Task prompt: From the entries below, copy out all lines holding "INNER".
-- Opening Marker --
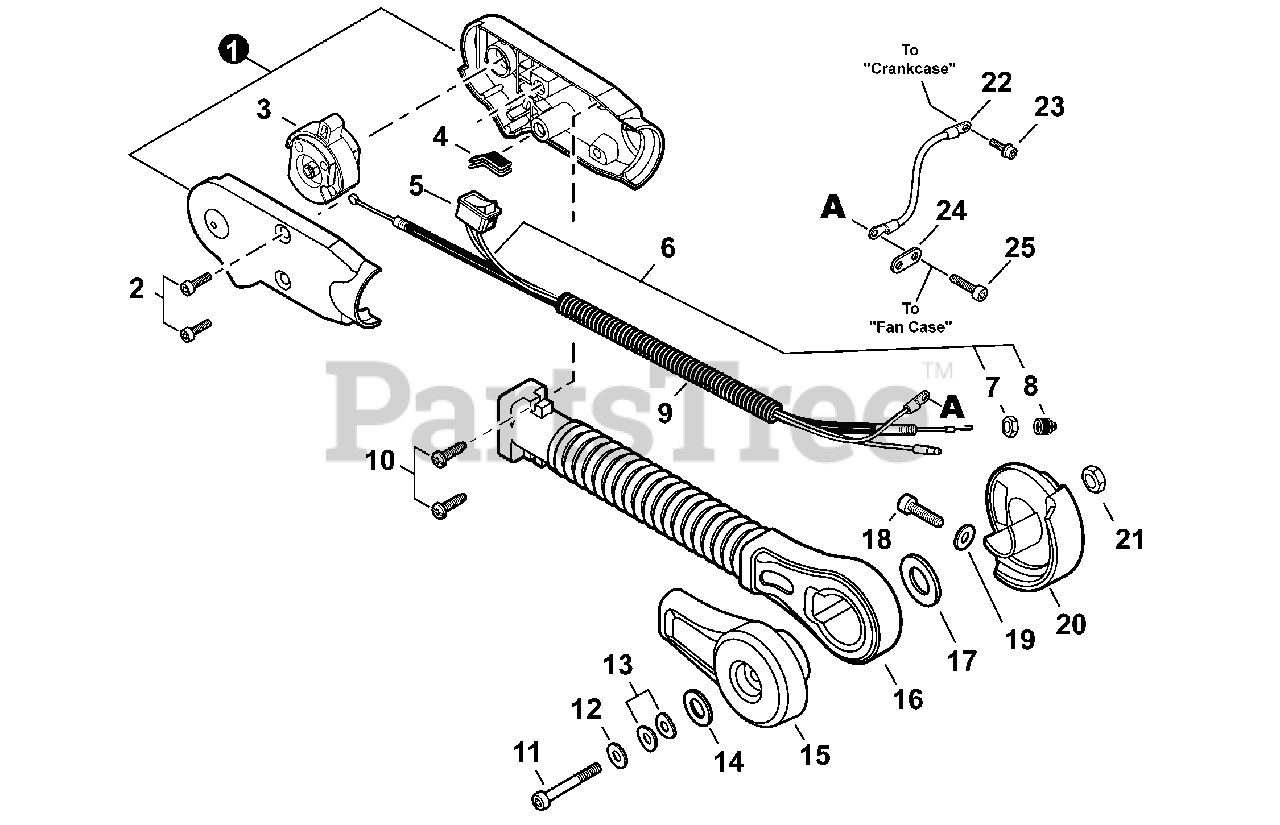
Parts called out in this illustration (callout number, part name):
1	CONTROL HANDLE SET
2	BOLT 5×14
3	CONTROL, THROTTLE
4	GROMMET
5	SWITCH, ON-OFF
6	CABLE, THROTTLE
7	NUT, HEX M6
8	CAP, DUST
9	TUBE, FLEXIBLE
12	WASHER 6.5×15.5×0.6
13	WASHER, FRICTION 6.6×14.3
14	WASHER 6.6×20×1.6
15	BRACKET, ARM - OUTER
16	ARM, THROTTLE CONTROL
17	WASHER 36.5×56×1.0
18	BOLT, TAPPING 5×25
19	WASHER 5.5×16×2T
20	BRACKET, ARM - INNER
21	NUT, LOCK M6
22	LEAD - GROUND
23	BOLT 5×8
24	PLATE, EYE
25	SCREW TAPPING 5×16
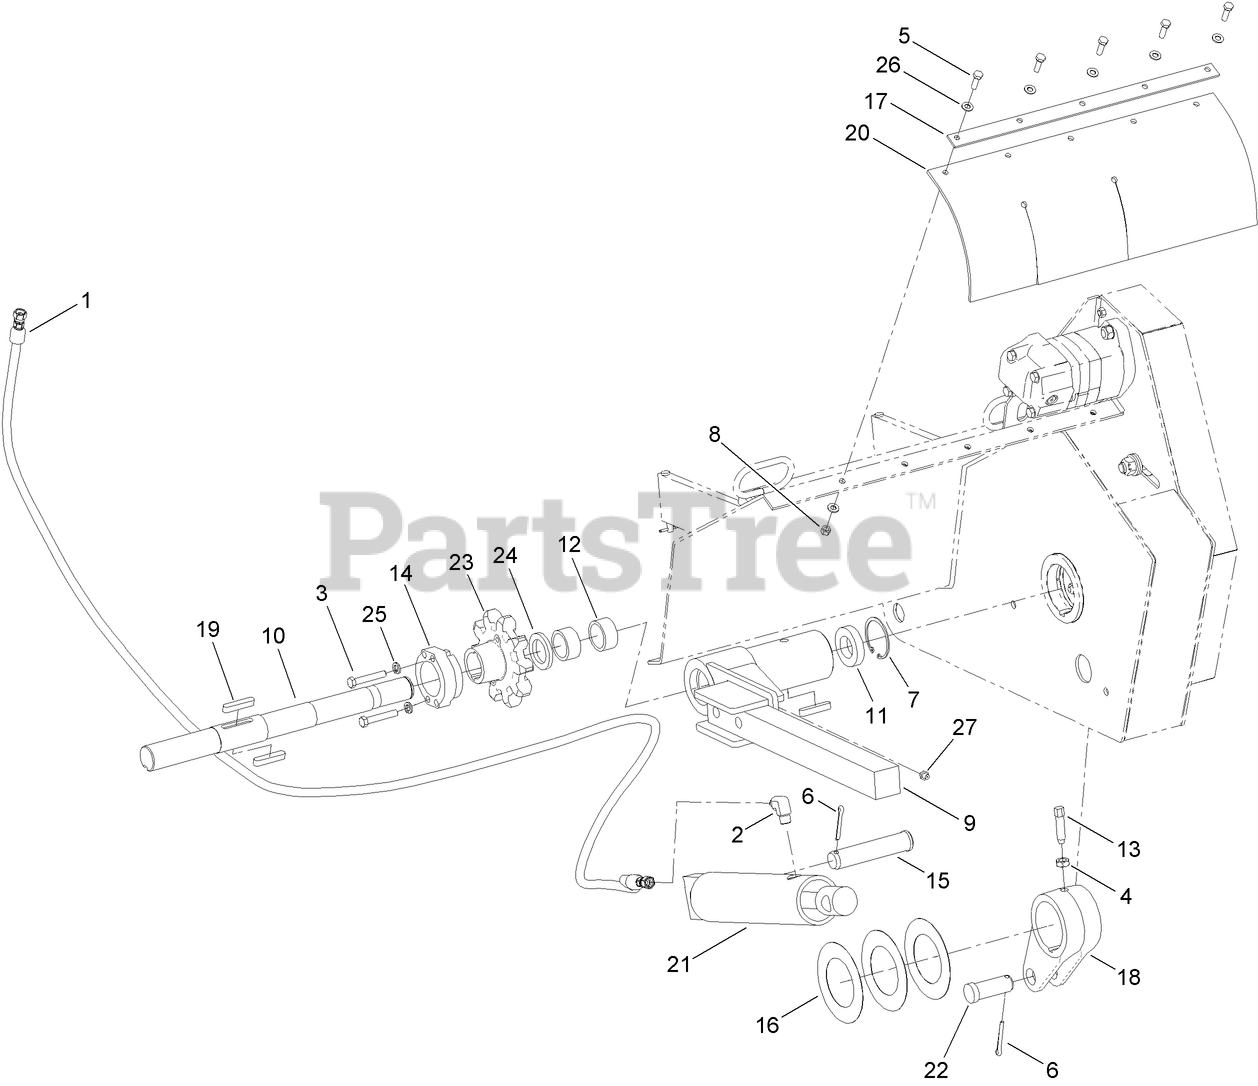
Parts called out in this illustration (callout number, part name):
1	HYD HOSE ASM
2	FITTING-ELBOW, 90 DEG
3	SCREW-HH
5	SCREW-HH
6	PIN-COTTER
7	RING-SNAP, INTERNAL
8	NUT-LOCK, CONE
9	MOUNT-BOOM
10	SHAFT-DRIVE, TRENCHER
11	BEARING
12	BEARING-NEEDLE
13	SCREW-SET, DOG POINT
17	STRIP-BACK
18	CRANK (BOOM CYLINDER)
20	FLAP-DIRT
21	HYD CYLINDER ASM
22	PIN-CLEVIS
23	SPROCKET
24	SEAL-OIL
25	WASHER-LOCK
26	WASHER-PLAIN
27	FITTING-GREASE
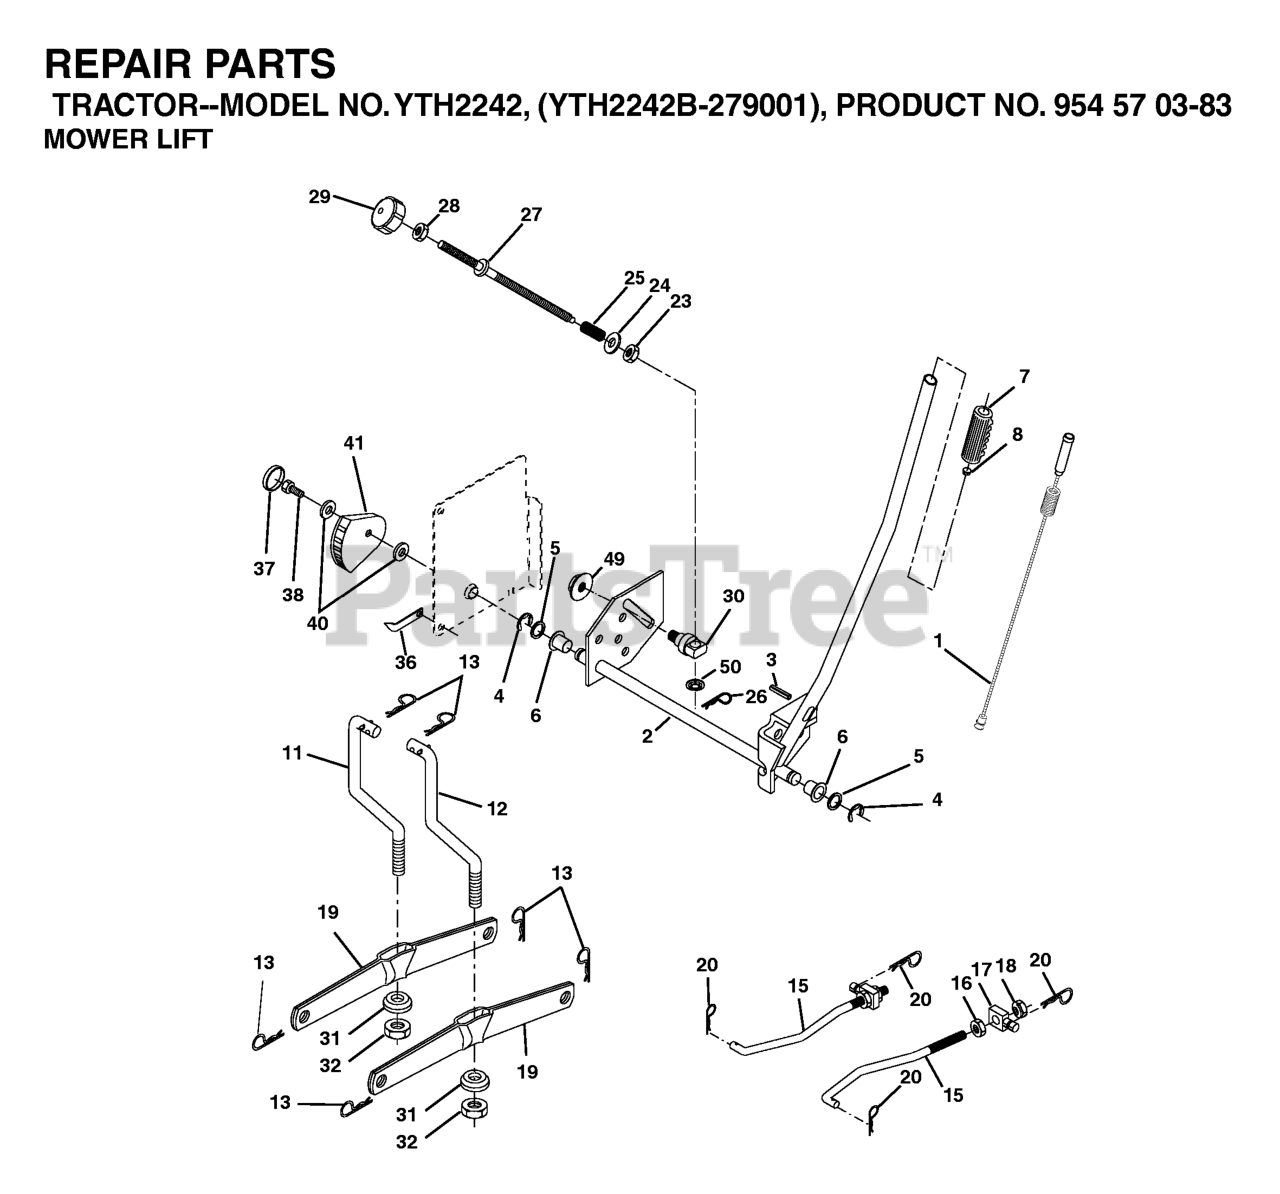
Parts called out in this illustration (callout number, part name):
1	WIRE ASM INNER W/ PLUNGER LT
2	SHAFT ASM R HANDLE
3	PIN GROOVE.
4	RETAINING RING LT
6	BEARING.NYLON
7	GRIP HANDLE
8	PLUNGER BUT KIT
11	LINK LIFT LH
12	LINK LIFT RH
13	RETAINER-SPRNG RB
15	LINK.SUSPENSION.FRONT
16	NUT.HEX.JAM.1/2-13
18	NUT.LK.W/WSH.1/2.
19	ARM.REAR.SUSPENSION
20	SPRING RETAINER
25	SPRING**
26	RETAINER CLIP
27	ROD ADJ LIFT
28	NUT
29	KNOB INF 3/8-16
31	BEARING.PIVOT.LIFT
32	NUT CROWNLOCK 3/8-24
36	POINTER, HEIGHT INDICATOR(2 2)
38	SCREW 5/16-18X1
41	IND. HEIGHT STLT
49	NUT
50	NUT PUSH M
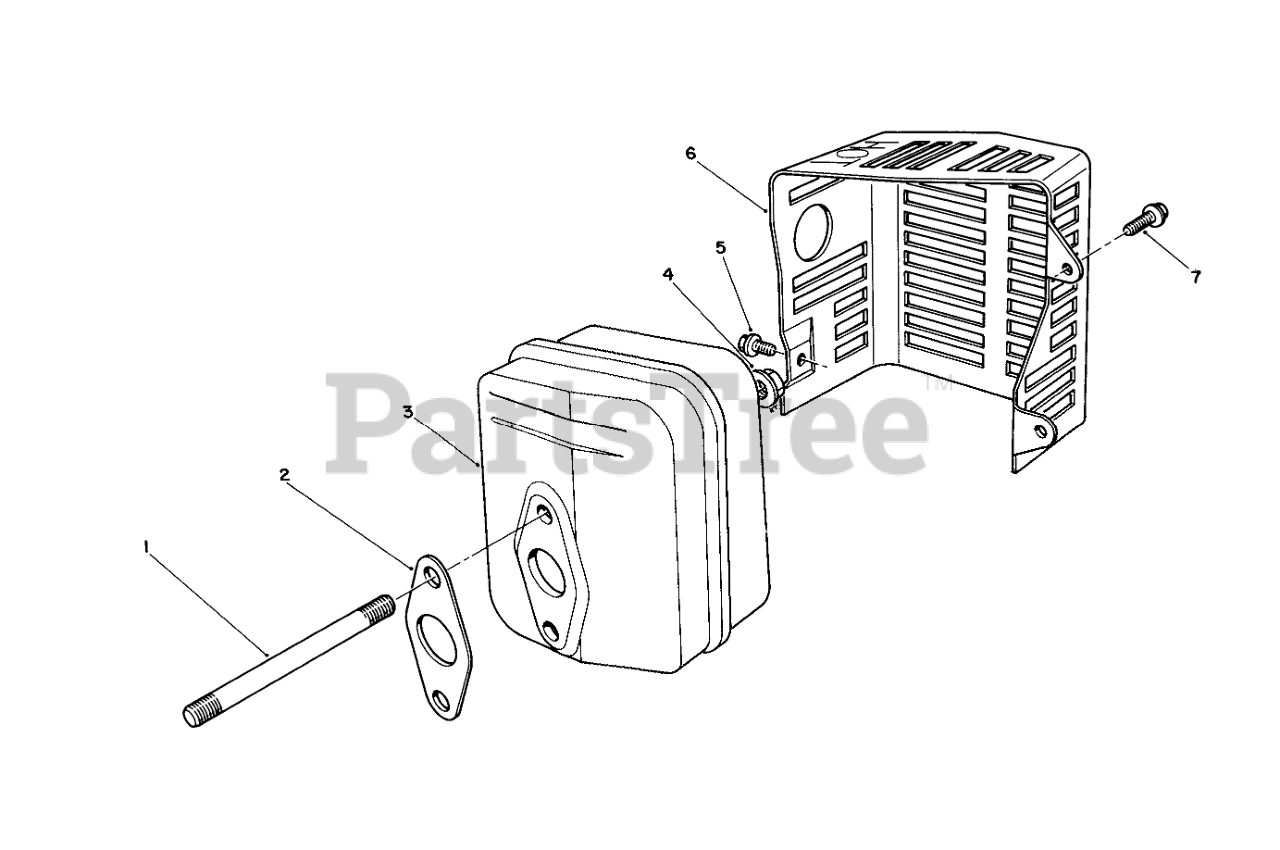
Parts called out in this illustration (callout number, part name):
2	GASKET
3	MUFFLER
5	SCREW
6	COVER
-- Closing Marker --
Reply:
20	BRACKET, ARM - INNER
1	WIRE ASM INNER W/ PLUNGER LT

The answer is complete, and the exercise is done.